──────── Data supplied
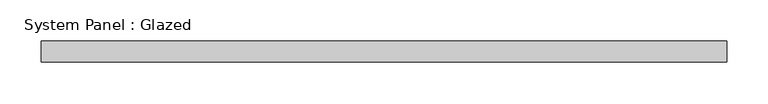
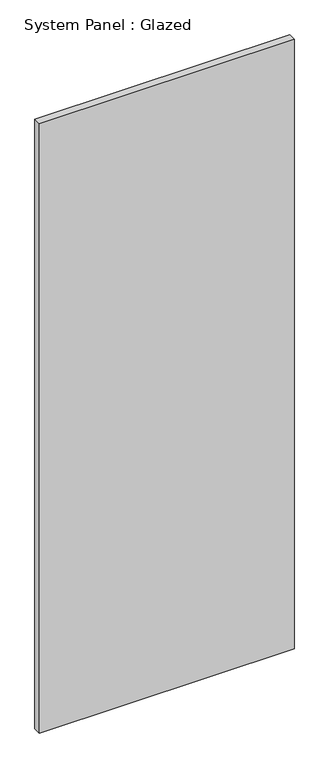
"""IFC4 building model written with IfcOpenShell, lengths in millimetres: plate geometry, System Panel : Glazed."""

from ifc_helpers import new_model, si_unit, origin, origin_with_axes, place, context, project, spatial, polyline, outline, extrude, source, transform, mapped, element, save


def system_panel_glazed_970fcf6f(model_context):
    return source(origin(), model_context, "Body", "SweptSolid", [
        extrude(outline(polyline([(414.0389939, 19.05), (-414.0389939, 19.05), (-414.0389939, 44.45), (414.0389939, 44.45), (414.0389939, 19.05)])), origin_with_axes(), (0.0, 0.0, 1.0), 2095.5),
    ])


if __name__ == "__main__":
    model = new_model("IFC4")
    model_context = context("Model", 3, world=origin())
    ifc_project = project(units=[si_unit("LENGTHUNIT", "METRE", prefix="MILLI")], contexts=[model_context])
    site = spatial("IfcSite", under=ifc_project)
    building = spatial("IfcBuilding", under=site)
    placement = place(None, origin())
    system_panel_glazed_shape = system_panel_glazed_970fcf6f(model_context)
    element("IfcPlate", 1, ObjectType="System Panel : Glazed", at=placement, inside=building, context=model_context, shape_type="MappedRepresentation", body=[
        mapped(system_panel_glazed_shape, transform((0.0, 0.0, 0.0), x_axis=(1.0, 0.0, 0.0), y_axis=(0.0, 1.0, 0.0), z_axis=(0.0, 0.0, 1.0))),
    ])
    save(model, "model.ifc")
────────────────
• [Work instructions]: Only lines containing the string "placement" belong in the answer; find them in the data above and copy them.

• [Answer to this task]:
    placement = place(None, origin())
    element("IfcPlate", 1, ObjectType="System Panel : Glazed", at=placement, inside=building, context=model_context, shape_type="MappedRepresentation", body=[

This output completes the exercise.